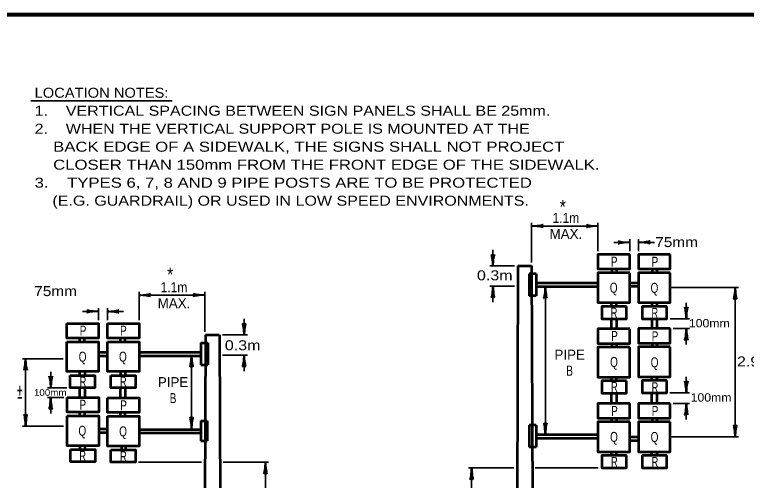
# Model space of a CAD drawing. Extents: x -274 to 582, y -298 to 246.
# Drawn here: x -65.4 to 154.4, y 100.2 to 240 of the extents above; entities that cross this region are included whole.
import ezdxf
from ezdxf.enums import TextEntityAlignment as Align

# ---------------------------------------------------------------- set-up
doc = ezdxf.new("R2010")
doc.units = 0
doc.header["$LTSCALE"] = 1.2
doc.layers.add('1', color=7, linetype='Continuous', lineweight=53)

msp = doc.modelspace()

# ---------------------------------------------------------------- linework, layer by layer
at = {"layer": '1', "lineweight": 35}
for p, q in [((-60.569, 214.078), (-18.056, 214.078)), ((89.842, 165.522), (89.842, 177.471)), ((109.785, 176.513), (89.842, 176.513)), ((109.785, 168.966), (109.785, 177.471)), ((119.321, 171.618), (114.529, 171.618)), ((119.321, 168.966), (119.321, 172.576)), ((121.978, 168.966), (121.978, 172.576)), ((126.769, 171.618), (121.978, 171.618)), ((78.241, 169.355), (78.241, 164.563)), ((84.76, 164.563), (77.282, 164.563)), ((84.76, 158.494), (77.282, 158.494)), ((78.241, 158.494), (78.241, 153.702)), ((93.996, 158.284), (93.996, 113.897)), ((-27.98, 148.24), (-27.98, 156.746)), ((-8.292, 144.796), (-8.292, 156.746)), ((131.513, 158.023), (151.957, 158.023)), ((150.999, 158.023), (150.999, 113.28)), ((-28.023, 155.787), (-8.292, 155.787)), ((-40.215, 148.24), (-40.215, 151.85)), ((-37.558, 148.24), (-37.558, 151.85)), ((136.326, 153.5), (136.326, 148.708)), ((-45.006, 150.892), (-40.215, 150.892)), ((-37.558, 150.892), (-32.766, 150.892)), ((3.522, 148.629), (3.522, 143.838)), ((131.462, 148.708), (137.284, 148.708)), ((132.407, 145.762), (137.284, 145.762)), ((136.326, 145.762), (136.326, 140.97)), ((-2.997, 143.838), (4.481, 143.838)), ((-63.006, 136.7), (-50.809, 136.7)), ((-62.135, 136.7), (-62.135, 116.476)), ((-12.29, 137.758), (-12.29, 115.671)), ((-2.997, 137.768), (4.481, 137.768)), ((3.522, 137.768), (3.522, 132.977)), ((-54.563, 132.774), (-54.563, 127.983)), ((136.326, 131.254), (136.326, 126.462)), ((-49.699, 127.983), (-55.521, 127.983)), ((131.398, 126.462), (137.284, 126.462)), ((-50.644, 125.036), (-55.521, 125.036)), ((-54.563, 125.036), (-54.563, 120.244)), ((132.407, 123.265), (137.284, 123.265)), ((136.326, 123.265), (136.326, 118.473)), ((-63.006, 116.476), (-50.752, 116.476)), ((131.449, 113.28), (151.957, 113.28)), ((-28.188, 105.611), (-9.269, 105.611)), ((-2.808, 105.611), (10.824, 105.611)), ((9.93, 105.611), (9.93, 70.015)), ((84.507, 103.928), (70.875, 103.928)), ((71.833, 103.928), (71.833, 68.332)), ((109.887, 103.928), (90.968, 103.928))]:
    msp.add_line(p, q, dxfattribs=at)
at = {"layer": '1'}
for p, q in [((85.718, 164.563), (85.452, 68.332)), ((85.718, 164.563), (89.842, 164.563)), ((89.842, 164.563), (90.241, 68.332)), ((114.005, 162.511), (114.005, 163.632)), ((115.426, 162.511), (115.426, 163.632)), ((126.197, 162.511), (126.197, 163.632)), ((127.618, 162.511), (127.618, 163.632)), ((91.237, 162.207), (89.142, 162.207)), ((89.142, 162.207), (89.142, 155.606)), ((91.237, 162.207), (91.237, 155.606)), ((109.746, 159.399), (91.237, 159.399)), ((109.746, 158.284), (91.237, 158.284)), ((122.068, 159.356), (119.411, 159.356)), ((122.068, 158.329), (119.411, 158.329)), ((91.237, 155.606), (89.142, 155.606)), ((113.845, 152.411), (113.845, 153.535)), ((115.394, 152.411), (115.394, 153.535)), ((126.037, 152.411), (126.037, 153.535)), ((127.586, 152.411), (127.586, 153.535)), ((113.877, 145.637), (113.877, 148.583)), ((115.426, 145.637), (115.426, 148.583)), ((126.037, 145.762), (126.037, 148.708)), ((127.586, 145.762), (127.586, 148.708)), ((-45.855, 141.785), (-45.855, 142.906)), ((-44.434, 141.785), (-44.434, 142.906)), ((-33.663, 141.785), (-33.663, 142.906)), ((-32.242, 141.785), (-32.242, 142.906)), ((-8.14, 143.838), (-8.345, 70.015)), ((-8.079, 143.838), (-3.955, 143.838)), ((-3.862, 143.838), (-3.556, 70.015)), ((-9.474, 141.482), (-7.379, 141.482)), ((-9.474, 141.482), (-9.474, 134.88)), ((-7.379, 141.482), (-7.379, 134.88)), ((114.005, 140.139), (114.005, 141.26)), ((115.426, 140.139), (115.426, 141.26)), ((126.133, 140.264), (126.133, 141.385)), ((127.554, 140.264), (127.554, 141.385)), ((-40.305, 138.631), (-37.648, 138.631)), ((-27.983, 138.673), (-9.474, 138.673)), ((-40.305, 137.603), (-37.648, 137.603)), ((-27.983, 137.558), (-9.474, 137.558)), ((-9.474, 134.88), (-7.379, 134.88)), ((-45.823, 131.686), (-45.823, 132.809)), ((-44.274, 131.686), (-44.274, 132.809)), ((-33.483, 131.713), (-33.483, 132.734)), ((-32.075, 131.713), (-32.075, 132.734)), ((113.845, 130.04), (113.845, 131.163)), ((115.394, 130.04), (115.394, 131.163)), ((125.973, 130.165), (125.973, 131.288)), ((127.523, 130.165), (127.523, 131.288)), ((-45.823, 125.036), (-45.823, 127.983)), ((-44.274, 125.036), (-44.274, 127.983)), ((-33.663, 124.911), (-33.663, 127.858)), ((-32.114, 124.911), (-32.114, 127.858)), ((113.874, 123.265), (113.874, 126.212)), ((115.424, 123.265), (115.424, 126.212)), ((125.973, 123.265), (125.973, 126.462)), ((127.523, 123.265), (127.523, 126.462)), ((-45.791, 119.539), (-45.791, 120.66)), ((-44.37, 119.539), (-44.37, 120.66)), ((-33.663, 119.414), (-33.663, 120.534)), ((-32.242, 119.414), (-32.242, 120.534)), ((114.002, 117.768), (114.002, 118.889)), ((115.424, 117.768), (115.424, 118.889)), ((126.133, 117.768), (126.133, 118.889)), ((127.554, 117.768), (127.554, 118.889)), ((-9.474, 118.024), (-7.569, 118.024)), ((-9.474, 118.024), (-9.474, 112.022)), ((-7.569, 118.024), (-7.569, 112.022)), ((91.237, 116.706), (89.142, 116.706)), ((89.142, 116.706), (89.142, 110.104)), ((91.237, 116.706), (91.237, 110.104)), ((-40.076, 115.618), (-37.419, 115.618)), ((-40.076, 114.59), (-37.419, 114.59)), ((-28.023, 115.471), (-9.474, 115.471)), ((-28.023, 114.457), (-9.474, 114.457)), ((109.746, 113.897), (91.237, 113.897)), ((109.746, 112.782), (91.237, 112.782)), ((121.908, 113.112), (119.252, 113.112)), ((-45.76, 109.439), (-45.76, 110.562)), ((-44.21, 109.439), (-44.21, 110.562)), ((-33.369, 110.336), (-33.369, 109.314)), ((-32.076, 110.336), (-32.076, 109.314)), ((-9.474, 112.022), (-7.569, 112.022)), ((91.237, 110.104), (89.142, 110.104)), ((121.908, 112.085), (119.252, 112.085)), ((113.842, 107.668), (113.842, 108.792)), ((115.392, 107.668), (115.392, 108.792)), ((125.973, 107.668), (125.973, 108.792)), ((127.523, 107.668), (127.523, 108.792))]:
    msp.add_line(p, q, dxfattribs=at)
at = {"layer": '1', "lineweight": 158}
msp.add_lwpolyline([(575.293, 239.961), (-216.407, 239.861), (-216.307, -286.139)], dxfattribs=at)
at = {"layer": '1'}
for points in [[(119.321, 168.008), (109.785, 168.008), (109.785, 163.632), (119.321, 163.632)], [(131.513, 168.008), (121.978, 168.008), (121.978, 163.632), (131.513, 163.632)], [(119.321, 162.511), (109.785, 162.511), (109.785, 153.535), (119.321, 153.535)], [(131.513, 162.511), (121.978, 162.511), (121.978, 153.535), (131.513, 153.535)], [(118.312, 152.411), (110.909, 152.411), (110.909, 148.708), (118.312, 148.708)], [(130.504, 152.411), (123.101, 152.411), (123.101, 148.708), (130.504, 148.708)], [(-49.75, 147.282), (-40.215, 147.282), (-40.215, 142.906), (-49.75, 142.906)], [(-37.558, 147.282), (-28.023, 147.282), (-28.023, 142.906), (-37.558, 142.906)], [(119.321, 145.637), (109.785, 145.637), (109.785, 141.26), (119.321, 141.26)], [(131.449, 145.762), (121.914, 145.762), (121.914, 141.385), (131.449, 141.385)], [(-49.75, 141.785), (-40.215, 141.785), (-40.215, 132.809), (-49.75, 132.809)], [(-37.558, 141.785), (-28.023, 141.785), (-28.023, 132.809), (-37.558, 132.809)], [(119.321, 140.139), (109.785, 140.139), (109.785, 131.163), (119.321, 131.163)], [(131.449, 140.264), (121.914, 140.264), (121.914, 131.288), (131.449, 131.288)], [(-48.741, 131.686), (-41.338, 131.686), (-41.338, 127.983), (-48.741, 127.983)], [(-36.549, 131.686), (-29.146, 131.686), (-29.146, 127.983), (-36.549, 127.983)], [(118.312, 130.04), (110.909, 130.04), (110.909, 126.337), (118.312, 126.337)], [(130.44, 130.165), (123.037, 130.165), (123.037, 126.462), (130.44, 126.462)], [(-49.686, 125.036), (-40.151, 125.036), (-40.151, 120.66), (-49.686, 120.66)], [(-37.558, 124.911), (-28.023, 124.911), (-28.023, 120.534), (-37.558, 120.534)], [(119.318, 123.265), (109.783, 123.265), (109.783, 118.889), (119.318, 118.889)], [(131.449, 123.265), (121.914, 123.265), (121.914, 118.889), (131.449, 118.889)], [(-49.686, 119.539), (-40.151, 119.539), (-40.151, 110.562), (-49.686, 110.562)], [(-37.558, 119.414), (-28.023, 119.414), (-28.023, 110.438), (-37.558, 110.438)], [(119.318, 117.768), (109.783, 117.768), (109.783, 108.792), (119.318, 108.792)], [(131.449, 117.768), (121.914, 117.768), (121.914, 108.792), (131.449, 108.792)], [(-48.677, 109.439), (-41.274, 109.439), (-41.274, 105.736), (-48.677, 105.736)], [(-36.549, 109.314), (-29.146, 109.314), (-29.146, 105.611), (-36.549, 105.611)], [(118.309, 107.668), (110.906, 107.668), (110.906, 103.966), (118.309, 103.966)], [(130.44, 107.668), (123.037, 107.668), (123.037, 103.966), (130.44, 103.966)]]:
    msp.add_lwpolyline(points, close=True, dxfattribs=at)
at = {"layer": '1', "lineweight": 40}
for centre, major_axis, ratio, start_param, end_param in [((91.187, 176.767), (-2.108, -0.211), 0.07063, 0.8650754, 3.1424706), ((91.151, 176.181), (-2.143, 0.187), 0.122415, 3.1415927, 5.386832), ((108.476, 176.844), (2.143, -0.187), 0.122415, 3.1415927, 5.386832), ((108.476, 176.844), (2.143, -0.187), 0.122415, 3.1415927, 5.386832), ((108.441, 176.259), (2.108, 0.211), 0.07063, 0.8650754, 3.1424706), ((108.441, 176.259), (2.108, 0.211), 0.07063, 0.8650754, 3.1424706), ((118.011, 171.949), (2.143, -0.187), 0.122415, 3.1415927, 5.386832), ((117.976, 171.364), (2.108, 0.211), 0.07063, 0.8650754, 3.1424706), ((123.322, 171.872), (-2.108, -0.211), 0.07063, 0.8650754, 3.1424706), ((123.287, 171.286), (-2.143, 0.187), 0.122415, 3.1415927, 5.386832), ((77.987, 165.908), (0.211, -2.108), 0.07063, 0.8650754, 3.1424706), ((78.572, 165.873), (-0.187, -2.143), 0.122415, 3.1415927, 5.386832), ((77.909, 157.184), (0.187, 2.143), 0.122415, 3.1415927, 5.386832), ((77.909, 157.184), (0.187, 2.143), 0.122415, 3.1415927, 5.386832), ((78.495, 157.149), (-0.211, 2.108), 0.07063, 0.8650754, 3.1424706), ((78.495, 157.149), (-0.211, 2.108), 0.07063, 0.8650754, 3.1424706), ((93.665, 156.974), (0.187, 2.143), 0.122415, 3.1415927, 5.386832), ((94.25, 156.939), (-0.211, 2.108), 0.07063, 0.8650754, 3.1424706), ((-26.713, 156.119), (-2.143, -0.187), 0.122415, 0.8963533, 3.1415927), ((-26.713, 156.119), (-2.143, -0.187), 0.122415, 0.8963533, 3.1415927), ((-9.637, 156.041), (2.108, -0.211), 0.07063, 3.1407148, 5.41811), ((150.667, 156.713), (0.187, 2.143), 0.122415, 3.1415927, 5.386832), ((150.667, 156.713), (0.187, 2.143), 0.122415, 3.1415927, 5.386832), ((151.253, 156.678), (-0.211, 2.108), 0.07063, 0.8650754, 3.1424706), ((151.253, 156.678), (-0.211, 2.108), 0.07063, 0.8650754, 3.1424706), ((-26.678, 155.533), (-2.108, 0.211), 0.07063, 3.1407148, 5.41811), ((-26.678, 155.533), (-2.108, 0.211), 0.07063, 3.1407148, 5.41811), ((-9.601, 155.456), (2.143, 0.187), 0.122415, 0.8963533, 3.1415927), ((136.072, 150.053), (0.211, -2.108), 0.07063, 0.8650754, 3.1424706), ((136.072, 150.053), (0.211, -2.108), 0.07063, 0.8650754, 3.1424706), ((136.657, 150.018), (-0.187, -2.143), 0.122415, 3.1415927, 5.386832), ((136.657, 150.018), (-0.187, -2.143), 0.122415, 3.1415927, 5.386832), ((-41.524, 150.56), (2.143, 0.187), 0.122415, 0.8963533, 3.1415927), ((-41.559, 151.146), (2.108, -0.211), 0.07063, 3.1407148, 5.41811), ((-36.213, 150.638), (-2.108, 0.211), 0.07063, 3.1407148, 5.41811), ((-36.248, 151.223), (-2.143, -0.187), 0.122415, 0.8963533, 3.1415927), ((3.191, 145.147), (0.187, -2.143), 0.122415, 0.8963533, 3.1415927), ((3.776, 145.182), (-0.211, -2.108), 0.07063, 3.1407148, 5.41811), ((135.994, 144.452), (0.187, 2.143), 0.122415, 3.1415927, 5.386832), ((135.994, 144.452), (0.187, 2.143), 0.122415, 3.1415927, 5.386832), ((136.58, 144.417), (-0.211, 2.108), 0.07063, 0.8650754, 3.1424706), ((136.58, 144.417), (-0.211, 2.108), 0.07063, 0.8650754, 3.1424706), ((-62.389, 135.355), (0.211, 2.108), 0.07063, 3.1407148, 5.41811), ((-62.389, 135.355), (0.211, 2.108), 0.07063, 3.1407148, 5.41811), ((-61.804, 135.39), (-0.187, 2.143), 0.122415, 0.8963533, 3.1415927), ((-61.804, 135.39), (-0.187, 2.143), 0.122415, 0.8963533, 3.1415927), ((-12.543, 136.413), (0.211, 2.108), 0.07063, 3.1407148, 5.41811), ((-11.958, 136.448), (-0.187, 2.143), 0.122415, 0.8963533, 3.1415927), ((3.268, 136.424), (0.211, 2.108), 0.07063, 3.1407148, 5.41811), ((3.854, 136.459), (-0.187, 2.143), 0.122415, 0.8963533, 3.1415927), ((-54.894, 129.292), (0.187, -2.143), 0.122415, 0.8963533, 3.1415927), ((-54.309, 129.327), (-0.211, -2.108), 0.07063, 3.1407148, 5.41811), ((136.072, 127.807), (0.211, -2.108), 0.07063, 0.8650754, 3.1424706), ((136.072, 127.807), (0.211, -2.108), 0.07063, 0.8650754, 3.1424706), ((136.657, 127.772), (-0.187, -2.143), 0.122415, 3.1415927, 5.386832), ((136.657, 127.772), (-0.187, -2.143), 0.122415, 3.1415927, 5.386832), ((-54.817, 123.691), (0.211, 2.108), 0.07063, 3.1407148, 5.41811), ((-54.231, 123.726), (-0.187, 2.143), 0.122415, 0.8963533, 3.1415927), ((135.994, 121.956), (0.187, 2.143), 0.122415, 3.1415927, 5.386832), ((135.994, 121.956), (0.187, 2.143), 0.122415, 3.1415927, 5.386832), ((136.58, 121.92), (-0.211, 2.108), 0.07063, 0.8650754, 3.1424706), ((136.58, 121.92), (-0.211, 2.108), 0.07063, 0.8650754, 3.1424706), ((-62.467, 117.785), (0.187, -2.143), 0.122415, 0.8963533, 3.1415927), ((-62.467, 117.785), (0.187, -2.143), 0.122415, 0.8963533, 3.1415927), ((-61.881, 117.821), (-0.211, -2.108), 0.07063, 3.1407148, 5.41811), ((-61.881, 117.821), (-0.211, -2.108), 0.07063, 3.1407148, 5.41811), ((-12.621, 116.98), (0.187, -2.143), 0.122415, 0.8963533, 3.1415927), ((-12.621, 116.98), (0.187, -2.143), 0.122415, 0.8963533, 3.1415927), ((-12.036, 117.015), (-0.211, -2.108), 0.07063, 3.1407148, 5.41811), ((-12.036, 117.015), (-0.211, -2.108), 0.07063, 3.1407148, 5.41811), ((93.742, 115.242), (0.211, -2.108), 0.07063, 0.8650754, 3.1424706), ((93.742, 115.242), (0.211, -2.108), 0.07063, 0.8650754, 3.1424706), ((94.328, 115.207), (-0.187, -2.143), 0.122415, 3.1415927, 5.386832), ((94.328, 115.207), (-0.187, -2.143), 0.122415, 3.1415927, 5.386832), ((150.745, 114.625), (0.211, -2.108), 0.07063, 0.8650754, 3.1424706), ((150.745, 114.625), (0.211, -2.108), 0.07063, 0.8650754, 3.1424706), ((151.33, 114.589), (-0.187, -2.143), 0.122415, 3.1415927, 5.386832), ((151.33, 114.589), (-0.187, -2.143), 0.122415, 3.1415927, 5.386832), ((9.676, 104.267), (0.211, 2.108), 0.07063, 3.1407148, 5.41811), ((9.676, 104.267), (0.211, 2.108), 0.07063, 3.1407148, 5.41811), ((10.261, 104.302), (-0.187, 2.143), 0.122415, 0.8963533, 3.1415927), ((10.261, 104.302), (-0.187, 2.143), 0.122415, 0.8963533, 3.1415927), ((71.502, 102.619), (0.187, 2.143), 0.122415, 3.1415927, 5.386832), ((72.087, 102.584), (-0.211, 2.108), 0.07063, 0.8650754, 3.1424706)]:
    msp.add_ellipse(centre, major_axis=major_axis, ratio=ratio, start_param=start_param, end_param=end_param, dxfattribs=at)

# ---------------------------------------------------------------- texts
at = {"layer": '1'}
for s, width, p in [('LOCATION NOTES:', 1.1, (-59.417, 215.02)), ('1.    VERTICAL SPACING BETWEEN SIGN PANELS SHALL BE 25mm.', 1.2, (-59.417, 209.62)), ('2.    WHEN THE VERTICAL SUPPORT POLE IS MOUNTED AT THE', 1.2, (-59.417, 204.22)), ('    BACK EDGE OF A SIDEWALK, THE SIGNS SHALL NOT PROJECT', 1.25, (-59.417, 198.82)), ('    CLOSER THAN 150mm FROM THE FRONT EDGE OF THE SIDEWALK.', 1.25, (-59.417, 193.42)), ('3.    TYPES 6, 7, 8 AND 9 PIPE POSTS ARE TO BE PROTECTED', 1.25, (-59.417, 188.02)), ('    (E.G. GUARDRAIL) OR USED IN LOW SPEED ENVIRONMENTS.', 1.2, (-59.417, 182.62))]:
    msp.add_text(s, height=3, dxfattribs=dict(at, width=width)).set_placement(p)
for s, height, width, p in [('*', 4.2, 0.85, (99.219, 180.174)), ('1.1m', 3, 0.9, (100.154, 177.468)), ('75mm', 3, 1.15, (133.411, 170.197)), ('P', 3, 0.75, (114.65, 164.323)), ('P', 3, 0.75, (126.891, 164.275)), ('*', 4.2, 0.85, (-18.686, 159.846)), ('0.3m', 3, 1.2, (78.796, 160.225)), ('75mm', 3, 1.15, (-53.111, 155.486)), ('1.1m', 3, 0.9, (-17.558, 156.657)), ('Q', 3, 0.75, (114.511, 156.506)), ('Q', 3, 0.75, (126.752, 156.458)), ('R', 3, 0.7, (114.615, 149.003)), ('R', 3, 0.7, (126.856, 148.954)), ('100mm', 2.5, 1.1, (143.228, 146.107)), ('P', 3, 0.75, (-44.866, 143.614)), ('P', 3, 0.75, (-32.755, 143.627)), ('P', 3, 0.75, (114.744, 142.038)), ('P', 3, 0.75, (126.934, 141.927)), ('0.3m', 3, 1.2, (3.064, 139.233)), ('Q', 3, 0.75, (-45.005, 135.797)), ('Q', 3, 0.75, (-32.895, 135.81)), ('Q', 3, 0.75, (114.604, 134.221)), ('Q', 3, 0.75, (126.795, 134.11)), ('2.90m', 3, 1.2, (158.235, 134.364)), ('B', 3, 0.75, (101.292, 131.596)), ('R', 3, 0.7, (-44.9, 128.293)), ('R', 3, 0.7, (-32.79, 128.306)), ('R', 3, 0.7, (114.709, 126.718)), ('+', 4.2, 0.55, (-63.857, 125.113)), ('100mm', 2, 1.1, (-54.724, 125.556)), ('R', 3, 0.7, (126.9, 126.607)), ('B', 3, 0.75, (-17.833, 123.362)), ('100mm', 2.5, 1.1, (143.761, 123.818)), ('P', 3, 0.75, (-44.953, 121.388)), ('P', 3, 0.75, (-32.707, 121.218)), ('P', 3, 0.75, (114.74, 119.541)), ('P', 3, 0.75, (126.927, 119.519)), ('Q', 3, 0.75, (-45.093, 113.571)), ('Q', 3, 0.75, (-32.847, 113.4)), ('Q', 3, 0.75, (114.6, 111.723)), ('Q', 3, 0.75, (126.787, 111.702)), ('R', 3, 0.7, (-44.988, 106.067)), ('R', 3, 0.7, (-32.742, 105.897)), ('R', 3, 0.7, (114.705, 104.22)), ('R', 3, 0.7, (126.892, 104.198))]:
    msp.add_text(s, height=height, dxfattribs=dict(at, width=width)).set_placement(p, align=Align.CENTER)
for s, height, p in [('MAX.', 3, (100.154, 172.668)), ('MAX.', 3, (-17.558, 151.857)), ('PIPE', 3, (101.292, 136.396)), ('PIPE', 3, (-17.833, 128.162)), ('-', 4.2, (-63.857, 123.349))]:
    msp.add_text(s, height=height, dxfattribs=at).set_placement(p, align=Align.CENTER)

doc.saveas('drawing.dxf')

= = = = = = =

## Activity
In the records above, how many lines include "Align"? Reply only with the number.

## Result
3